**Directions for this task**. Your task is to quote the records from their first line through the line containing "color=7, linetype='Continuous', true_color=0xffffff)", with nothing added or left out.

**Extracted information**.
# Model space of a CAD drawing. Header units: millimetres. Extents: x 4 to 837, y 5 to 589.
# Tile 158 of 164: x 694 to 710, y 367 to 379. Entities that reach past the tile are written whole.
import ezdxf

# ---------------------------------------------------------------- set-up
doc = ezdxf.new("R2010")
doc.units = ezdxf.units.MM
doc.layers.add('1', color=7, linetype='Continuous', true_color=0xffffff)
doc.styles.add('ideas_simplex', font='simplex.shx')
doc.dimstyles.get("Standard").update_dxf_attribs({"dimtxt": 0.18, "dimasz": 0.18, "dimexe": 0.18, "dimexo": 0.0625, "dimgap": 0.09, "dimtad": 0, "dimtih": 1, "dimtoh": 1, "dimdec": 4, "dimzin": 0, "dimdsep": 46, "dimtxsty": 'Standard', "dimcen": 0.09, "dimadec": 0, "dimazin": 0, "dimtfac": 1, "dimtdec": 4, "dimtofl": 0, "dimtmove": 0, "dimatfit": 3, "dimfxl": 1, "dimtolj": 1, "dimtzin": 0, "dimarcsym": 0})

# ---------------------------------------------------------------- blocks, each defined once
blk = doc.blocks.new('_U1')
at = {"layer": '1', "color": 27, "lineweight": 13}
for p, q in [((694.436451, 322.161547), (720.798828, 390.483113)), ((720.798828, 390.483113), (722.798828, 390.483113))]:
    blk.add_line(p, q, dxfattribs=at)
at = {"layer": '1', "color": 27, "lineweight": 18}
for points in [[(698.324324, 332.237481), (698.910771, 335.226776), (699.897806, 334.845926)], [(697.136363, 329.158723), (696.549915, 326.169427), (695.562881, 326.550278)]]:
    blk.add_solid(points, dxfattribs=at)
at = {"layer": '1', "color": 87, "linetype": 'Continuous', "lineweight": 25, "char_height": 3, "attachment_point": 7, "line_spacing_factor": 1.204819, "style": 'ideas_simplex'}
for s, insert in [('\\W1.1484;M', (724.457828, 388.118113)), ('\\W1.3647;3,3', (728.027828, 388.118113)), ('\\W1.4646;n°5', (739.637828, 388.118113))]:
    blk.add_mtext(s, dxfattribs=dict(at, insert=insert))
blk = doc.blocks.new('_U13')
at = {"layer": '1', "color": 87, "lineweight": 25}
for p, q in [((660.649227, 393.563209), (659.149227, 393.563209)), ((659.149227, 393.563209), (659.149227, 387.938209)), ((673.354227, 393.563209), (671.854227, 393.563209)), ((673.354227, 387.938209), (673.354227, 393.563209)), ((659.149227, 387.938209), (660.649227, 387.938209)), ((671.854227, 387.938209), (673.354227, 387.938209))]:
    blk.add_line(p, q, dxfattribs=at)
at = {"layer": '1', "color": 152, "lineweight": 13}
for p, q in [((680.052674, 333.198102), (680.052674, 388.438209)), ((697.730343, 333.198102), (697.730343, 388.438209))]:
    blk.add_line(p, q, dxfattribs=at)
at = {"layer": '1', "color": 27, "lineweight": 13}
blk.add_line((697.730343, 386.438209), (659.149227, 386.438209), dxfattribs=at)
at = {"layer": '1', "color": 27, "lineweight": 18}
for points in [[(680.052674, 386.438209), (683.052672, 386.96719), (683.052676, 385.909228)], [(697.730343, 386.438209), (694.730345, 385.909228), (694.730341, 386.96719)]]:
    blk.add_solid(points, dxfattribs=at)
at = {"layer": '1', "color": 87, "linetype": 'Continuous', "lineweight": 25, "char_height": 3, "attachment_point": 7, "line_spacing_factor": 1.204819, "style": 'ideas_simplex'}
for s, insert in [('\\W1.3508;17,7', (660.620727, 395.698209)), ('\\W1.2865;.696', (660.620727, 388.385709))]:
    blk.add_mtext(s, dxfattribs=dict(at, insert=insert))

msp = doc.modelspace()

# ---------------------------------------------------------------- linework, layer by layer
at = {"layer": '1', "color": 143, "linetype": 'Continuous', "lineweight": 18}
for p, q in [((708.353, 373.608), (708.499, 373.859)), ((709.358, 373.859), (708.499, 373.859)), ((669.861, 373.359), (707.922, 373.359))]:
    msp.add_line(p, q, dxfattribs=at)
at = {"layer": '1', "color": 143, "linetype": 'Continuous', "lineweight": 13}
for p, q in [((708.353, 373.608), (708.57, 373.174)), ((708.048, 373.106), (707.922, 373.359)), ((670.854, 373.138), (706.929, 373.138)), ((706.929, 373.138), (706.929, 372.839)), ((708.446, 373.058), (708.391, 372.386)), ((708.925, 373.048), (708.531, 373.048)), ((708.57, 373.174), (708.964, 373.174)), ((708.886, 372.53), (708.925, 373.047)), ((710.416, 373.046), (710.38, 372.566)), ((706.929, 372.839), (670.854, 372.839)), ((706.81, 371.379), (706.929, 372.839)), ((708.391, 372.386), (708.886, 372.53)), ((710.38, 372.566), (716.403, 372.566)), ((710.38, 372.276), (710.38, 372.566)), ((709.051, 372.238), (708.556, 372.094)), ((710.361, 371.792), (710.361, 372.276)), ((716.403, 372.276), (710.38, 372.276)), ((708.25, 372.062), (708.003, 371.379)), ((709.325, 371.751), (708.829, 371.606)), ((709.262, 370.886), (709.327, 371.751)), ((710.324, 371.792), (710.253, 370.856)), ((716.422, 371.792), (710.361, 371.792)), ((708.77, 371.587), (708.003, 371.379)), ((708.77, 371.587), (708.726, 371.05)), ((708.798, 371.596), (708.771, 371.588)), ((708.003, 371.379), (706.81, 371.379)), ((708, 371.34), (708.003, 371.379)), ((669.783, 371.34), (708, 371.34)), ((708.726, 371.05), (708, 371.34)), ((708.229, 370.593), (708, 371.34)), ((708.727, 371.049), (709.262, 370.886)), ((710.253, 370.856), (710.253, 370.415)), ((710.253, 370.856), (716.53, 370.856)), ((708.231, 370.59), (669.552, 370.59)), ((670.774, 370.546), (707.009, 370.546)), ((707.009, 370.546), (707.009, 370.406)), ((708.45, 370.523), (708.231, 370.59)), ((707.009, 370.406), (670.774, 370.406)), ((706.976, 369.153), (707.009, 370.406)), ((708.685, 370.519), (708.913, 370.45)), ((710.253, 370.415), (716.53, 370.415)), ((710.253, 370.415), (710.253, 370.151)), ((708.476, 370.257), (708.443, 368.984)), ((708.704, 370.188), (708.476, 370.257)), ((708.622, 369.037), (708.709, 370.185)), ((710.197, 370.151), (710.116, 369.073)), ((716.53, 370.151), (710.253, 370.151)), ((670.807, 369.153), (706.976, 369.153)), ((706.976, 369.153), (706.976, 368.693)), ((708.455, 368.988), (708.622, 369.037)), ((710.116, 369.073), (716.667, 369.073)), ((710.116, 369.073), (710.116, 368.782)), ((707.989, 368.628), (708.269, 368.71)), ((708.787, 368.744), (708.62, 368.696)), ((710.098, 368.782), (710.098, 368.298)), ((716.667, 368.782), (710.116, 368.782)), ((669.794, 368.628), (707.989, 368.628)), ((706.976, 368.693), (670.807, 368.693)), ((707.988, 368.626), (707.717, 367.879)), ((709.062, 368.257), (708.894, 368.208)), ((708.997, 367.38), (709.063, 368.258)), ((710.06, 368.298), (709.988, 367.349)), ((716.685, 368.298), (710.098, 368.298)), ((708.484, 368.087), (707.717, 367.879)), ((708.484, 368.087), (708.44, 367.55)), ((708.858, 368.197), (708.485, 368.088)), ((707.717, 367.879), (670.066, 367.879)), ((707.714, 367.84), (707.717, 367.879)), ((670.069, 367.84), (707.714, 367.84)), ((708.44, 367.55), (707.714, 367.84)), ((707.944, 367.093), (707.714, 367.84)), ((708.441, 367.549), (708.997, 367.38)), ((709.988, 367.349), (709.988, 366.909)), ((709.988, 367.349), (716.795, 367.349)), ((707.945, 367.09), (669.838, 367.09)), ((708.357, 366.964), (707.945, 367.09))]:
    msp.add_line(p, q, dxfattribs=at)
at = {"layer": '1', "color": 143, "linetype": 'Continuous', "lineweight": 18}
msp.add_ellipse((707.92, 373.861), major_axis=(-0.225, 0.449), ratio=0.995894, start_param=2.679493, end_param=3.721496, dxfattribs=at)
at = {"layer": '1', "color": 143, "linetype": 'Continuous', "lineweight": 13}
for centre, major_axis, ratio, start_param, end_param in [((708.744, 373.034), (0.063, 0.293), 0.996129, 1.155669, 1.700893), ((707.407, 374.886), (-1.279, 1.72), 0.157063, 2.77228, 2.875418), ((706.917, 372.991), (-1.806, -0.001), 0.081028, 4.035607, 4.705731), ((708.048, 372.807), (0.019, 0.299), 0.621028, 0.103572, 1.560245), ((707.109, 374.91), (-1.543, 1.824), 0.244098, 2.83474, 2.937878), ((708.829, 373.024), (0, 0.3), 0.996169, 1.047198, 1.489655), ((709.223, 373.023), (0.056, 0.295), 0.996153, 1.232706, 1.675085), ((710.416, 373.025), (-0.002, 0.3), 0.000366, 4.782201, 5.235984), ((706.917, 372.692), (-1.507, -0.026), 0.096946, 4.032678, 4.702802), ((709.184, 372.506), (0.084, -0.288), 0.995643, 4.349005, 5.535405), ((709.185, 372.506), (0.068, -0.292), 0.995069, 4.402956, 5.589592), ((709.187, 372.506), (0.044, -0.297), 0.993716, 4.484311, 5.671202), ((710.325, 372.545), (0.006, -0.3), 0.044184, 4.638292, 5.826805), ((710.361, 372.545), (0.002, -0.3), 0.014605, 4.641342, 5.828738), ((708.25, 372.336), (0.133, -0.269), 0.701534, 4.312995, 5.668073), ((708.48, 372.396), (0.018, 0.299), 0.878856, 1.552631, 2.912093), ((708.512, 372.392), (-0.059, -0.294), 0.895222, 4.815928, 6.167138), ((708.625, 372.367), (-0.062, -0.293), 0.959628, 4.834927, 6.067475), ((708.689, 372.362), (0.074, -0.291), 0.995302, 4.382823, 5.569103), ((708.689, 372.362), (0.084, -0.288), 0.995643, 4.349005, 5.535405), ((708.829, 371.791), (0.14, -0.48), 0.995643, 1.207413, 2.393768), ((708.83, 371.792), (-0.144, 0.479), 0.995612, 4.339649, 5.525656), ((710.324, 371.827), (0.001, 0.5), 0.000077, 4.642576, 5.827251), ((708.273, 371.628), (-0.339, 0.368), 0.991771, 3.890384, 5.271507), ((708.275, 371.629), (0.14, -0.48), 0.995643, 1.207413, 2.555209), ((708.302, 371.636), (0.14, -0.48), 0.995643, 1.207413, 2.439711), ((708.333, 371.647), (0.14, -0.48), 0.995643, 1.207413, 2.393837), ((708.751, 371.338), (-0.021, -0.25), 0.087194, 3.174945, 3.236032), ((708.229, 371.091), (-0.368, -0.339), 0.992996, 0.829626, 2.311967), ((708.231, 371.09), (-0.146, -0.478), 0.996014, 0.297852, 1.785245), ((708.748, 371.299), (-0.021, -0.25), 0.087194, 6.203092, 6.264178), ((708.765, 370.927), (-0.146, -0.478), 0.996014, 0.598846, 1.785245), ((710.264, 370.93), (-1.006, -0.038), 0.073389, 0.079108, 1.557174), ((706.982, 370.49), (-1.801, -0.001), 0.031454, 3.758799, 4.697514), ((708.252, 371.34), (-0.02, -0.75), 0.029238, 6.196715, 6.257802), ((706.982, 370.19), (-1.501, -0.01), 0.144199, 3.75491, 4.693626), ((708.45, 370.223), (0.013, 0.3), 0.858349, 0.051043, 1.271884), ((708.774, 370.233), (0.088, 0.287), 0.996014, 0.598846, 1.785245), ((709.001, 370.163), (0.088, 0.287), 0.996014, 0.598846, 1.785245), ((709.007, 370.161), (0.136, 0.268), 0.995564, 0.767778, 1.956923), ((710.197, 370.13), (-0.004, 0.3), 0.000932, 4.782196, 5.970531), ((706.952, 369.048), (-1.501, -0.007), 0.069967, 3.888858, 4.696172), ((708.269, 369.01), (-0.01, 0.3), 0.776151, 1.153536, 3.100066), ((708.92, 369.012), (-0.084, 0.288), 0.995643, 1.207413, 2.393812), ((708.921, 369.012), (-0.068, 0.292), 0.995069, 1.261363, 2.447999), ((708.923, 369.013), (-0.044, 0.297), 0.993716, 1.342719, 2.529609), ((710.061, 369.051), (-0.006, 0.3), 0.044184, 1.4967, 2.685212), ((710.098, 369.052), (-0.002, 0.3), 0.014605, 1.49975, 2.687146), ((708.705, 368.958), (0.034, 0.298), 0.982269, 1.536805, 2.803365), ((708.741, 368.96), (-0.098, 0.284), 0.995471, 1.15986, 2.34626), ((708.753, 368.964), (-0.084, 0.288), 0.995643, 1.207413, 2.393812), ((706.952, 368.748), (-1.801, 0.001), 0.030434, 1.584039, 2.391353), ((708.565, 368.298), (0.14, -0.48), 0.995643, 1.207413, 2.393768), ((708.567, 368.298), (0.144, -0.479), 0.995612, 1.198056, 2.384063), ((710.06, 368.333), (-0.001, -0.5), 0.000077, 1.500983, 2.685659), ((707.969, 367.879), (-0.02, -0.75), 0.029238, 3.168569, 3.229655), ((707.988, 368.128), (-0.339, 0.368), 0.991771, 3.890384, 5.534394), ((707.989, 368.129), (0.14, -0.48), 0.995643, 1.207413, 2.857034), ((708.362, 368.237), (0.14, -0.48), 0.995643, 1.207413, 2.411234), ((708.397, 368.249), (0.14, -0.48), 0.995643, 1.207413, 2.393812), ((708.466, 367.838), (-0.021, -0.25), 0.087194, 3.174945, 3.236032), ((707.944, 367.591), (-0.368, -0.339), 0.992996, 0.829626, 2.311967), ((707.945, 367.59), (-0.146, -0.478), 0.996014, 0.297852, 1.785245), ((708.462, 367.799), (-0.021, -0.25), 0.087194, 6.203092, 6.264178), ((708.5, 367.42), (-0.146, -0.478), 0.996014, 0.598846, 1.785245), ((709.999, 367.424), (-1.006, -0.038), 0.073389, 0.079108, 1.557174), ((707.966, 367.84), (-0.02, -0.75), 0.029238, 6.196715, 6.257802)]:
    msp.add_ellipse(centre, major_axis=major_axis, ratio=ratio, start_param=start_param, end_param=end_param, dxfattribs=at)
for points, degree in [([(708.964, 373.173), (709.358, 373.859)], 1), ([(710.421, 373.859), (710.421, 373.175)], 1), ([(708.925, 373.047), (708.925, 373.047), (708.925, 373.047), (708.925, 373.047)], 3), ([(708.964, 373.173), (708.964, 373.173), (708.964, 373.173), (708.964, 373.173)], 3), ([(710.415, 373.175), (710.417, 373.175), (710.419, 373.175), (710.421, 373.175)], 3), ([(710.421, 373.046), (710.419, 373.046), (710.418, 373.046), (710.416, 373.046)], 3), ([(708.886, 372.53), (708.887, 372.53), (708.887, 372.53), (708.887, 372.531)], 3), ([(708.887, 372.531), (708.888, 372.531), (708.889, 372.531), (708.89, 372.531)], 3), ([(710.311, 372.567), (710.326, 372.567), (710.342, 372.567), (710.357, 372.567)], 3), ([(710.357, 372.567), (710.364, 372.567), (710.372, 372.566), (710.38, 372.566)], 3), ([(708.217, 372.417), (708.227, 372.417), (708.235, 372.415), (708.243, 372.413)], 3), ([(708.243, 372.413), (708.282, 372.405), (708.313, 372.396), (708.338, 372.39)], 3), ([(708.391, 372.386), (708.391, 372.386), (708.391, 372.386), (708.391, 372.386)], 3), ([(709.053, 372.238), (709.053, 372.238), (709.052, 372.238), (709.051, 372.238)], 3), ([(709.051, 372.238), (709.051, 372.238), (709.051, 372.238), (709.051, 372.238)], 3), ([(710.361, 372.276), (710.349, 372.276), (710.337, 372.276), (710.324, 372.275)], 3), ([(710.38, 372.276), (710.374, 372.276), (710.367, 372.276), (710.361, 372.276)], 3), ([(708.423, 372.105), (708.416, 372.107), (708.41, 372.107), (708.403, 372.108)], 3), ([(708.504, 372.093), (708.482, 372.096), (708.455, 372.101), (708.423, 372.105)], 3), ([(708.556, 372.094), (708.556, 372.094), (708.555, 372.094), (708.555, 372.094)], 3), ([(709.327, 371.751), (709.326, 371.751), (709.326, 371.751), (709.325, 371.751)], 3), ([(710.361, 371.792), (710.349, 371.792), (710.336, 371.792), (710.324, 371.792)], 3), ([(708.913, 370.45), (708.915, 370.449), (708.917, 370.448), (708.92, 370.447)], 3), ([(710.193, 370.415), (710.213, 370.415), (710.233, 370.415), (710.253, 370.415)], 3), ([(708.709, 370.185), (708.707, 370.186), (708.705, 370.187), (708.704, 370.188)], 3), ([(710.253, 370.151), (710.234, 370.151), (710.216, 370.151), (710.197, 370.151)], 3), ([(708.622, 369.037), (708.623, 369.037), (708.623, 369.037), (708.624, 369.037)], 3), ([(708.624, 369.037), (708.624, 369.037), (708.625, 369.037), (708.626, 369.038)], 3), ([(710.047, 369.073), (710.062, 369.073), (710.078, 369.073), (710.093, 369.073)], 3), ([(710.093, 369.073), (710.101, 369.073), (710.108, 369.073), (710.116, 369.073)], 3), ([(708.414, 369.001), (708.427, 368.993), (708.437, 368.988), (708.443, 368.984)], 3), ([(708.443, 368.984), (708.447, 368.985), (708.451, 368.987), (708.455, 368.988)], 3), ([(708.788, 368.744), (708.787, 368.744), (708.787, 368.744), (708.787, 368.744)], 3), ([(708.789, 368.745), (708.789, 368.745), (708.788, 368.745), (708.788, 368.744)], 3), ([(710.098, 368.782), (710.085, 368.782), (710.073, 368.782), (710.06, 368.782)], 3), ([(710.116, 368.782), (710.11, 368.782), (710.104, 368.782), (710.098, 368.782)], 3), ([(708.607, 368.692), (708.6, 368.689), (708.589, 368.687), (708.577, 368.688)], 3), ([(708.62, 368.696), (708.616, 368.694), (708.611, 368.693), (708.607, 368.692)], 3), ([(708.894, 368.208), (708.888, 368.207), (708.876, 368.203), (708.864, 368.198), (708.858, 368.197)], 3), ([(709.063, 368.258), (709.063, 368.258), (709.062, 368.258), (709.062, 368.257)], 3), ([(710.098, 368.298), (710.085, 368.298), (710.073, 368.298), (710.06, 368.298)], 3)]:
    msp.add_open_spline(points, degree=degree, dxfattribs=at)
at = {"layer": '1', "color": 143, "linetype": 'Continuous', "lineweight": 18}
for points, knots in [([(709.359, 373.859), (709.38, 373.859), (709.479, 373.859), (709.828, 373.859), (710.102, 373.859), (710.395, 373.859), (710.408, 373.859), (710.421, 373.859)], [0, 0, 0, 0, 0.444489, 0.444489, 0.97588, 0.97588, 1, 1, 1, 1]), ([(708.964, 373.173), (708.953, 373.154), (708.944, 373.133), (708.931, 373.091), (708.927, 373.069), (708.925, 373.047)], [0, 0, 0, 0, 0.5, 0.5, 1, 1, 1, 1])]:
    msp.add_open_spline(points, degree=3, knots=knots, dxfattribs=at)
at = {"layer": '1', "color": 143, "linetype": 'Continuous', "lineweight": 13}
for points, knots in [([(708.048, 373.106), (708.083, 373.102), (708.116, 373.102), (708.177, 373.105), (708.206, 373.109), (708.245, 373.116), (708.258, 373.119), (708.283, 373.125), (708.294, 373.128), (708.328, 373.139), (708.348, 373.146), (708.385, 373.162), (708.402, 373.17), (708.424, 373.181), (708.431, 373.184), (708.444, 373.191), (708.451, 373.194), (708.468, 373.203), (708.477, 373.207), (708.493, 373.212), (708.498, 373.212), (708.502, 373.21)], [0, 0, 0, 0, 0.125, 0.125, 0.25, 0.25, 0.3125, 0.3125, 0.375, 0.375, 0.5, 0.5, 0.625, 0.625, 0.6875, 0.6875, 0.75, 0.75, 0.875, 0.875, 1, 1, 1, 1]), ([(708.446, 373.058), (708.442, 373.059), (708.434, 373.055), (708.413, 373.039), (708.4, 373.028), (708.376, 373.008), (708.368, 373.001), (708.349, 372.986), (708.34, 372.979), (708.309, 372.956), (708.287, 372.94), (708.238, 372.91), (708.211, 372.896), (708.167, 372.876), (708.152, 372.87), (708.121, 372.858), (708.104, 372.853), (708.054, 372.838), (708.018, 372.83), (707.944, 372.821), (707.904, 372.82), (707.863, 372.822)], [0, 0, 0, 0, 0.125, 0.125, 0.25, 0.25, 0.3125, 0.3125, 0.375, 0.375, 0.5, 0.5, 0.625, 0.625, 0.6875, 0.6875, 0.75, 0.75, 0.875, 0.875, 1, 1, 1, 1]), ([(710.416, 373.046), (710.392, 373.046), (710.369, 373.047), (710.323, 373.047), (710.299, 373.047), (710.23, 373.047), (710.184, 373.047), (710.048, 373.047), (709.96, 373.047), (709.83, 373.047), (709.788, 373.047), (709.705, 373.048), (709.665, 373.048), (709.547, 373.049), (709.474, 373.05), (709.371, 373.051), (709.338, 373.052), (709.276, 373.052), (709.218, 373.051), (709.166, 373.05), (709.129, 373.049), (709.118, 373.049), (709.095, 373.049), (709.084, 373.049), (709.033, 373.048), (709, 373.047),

**Task answer**.
# Model space of a CAD drawing. Header units: millimetres. Extents: x 4 to 837, y 5 to 589.
# Tile 158 of 164: x 694 to 710, y 367 to 379. Entities that reach past the tile are written whole.
import ezdxf

# ---------------------------------------------------------------- set-up
doc = ezdxf.new("R2010")
doc.units = ezdxf.units.MM
doc.layers.add('1', color=7, linetype='Continuous', true_color=0xffffff)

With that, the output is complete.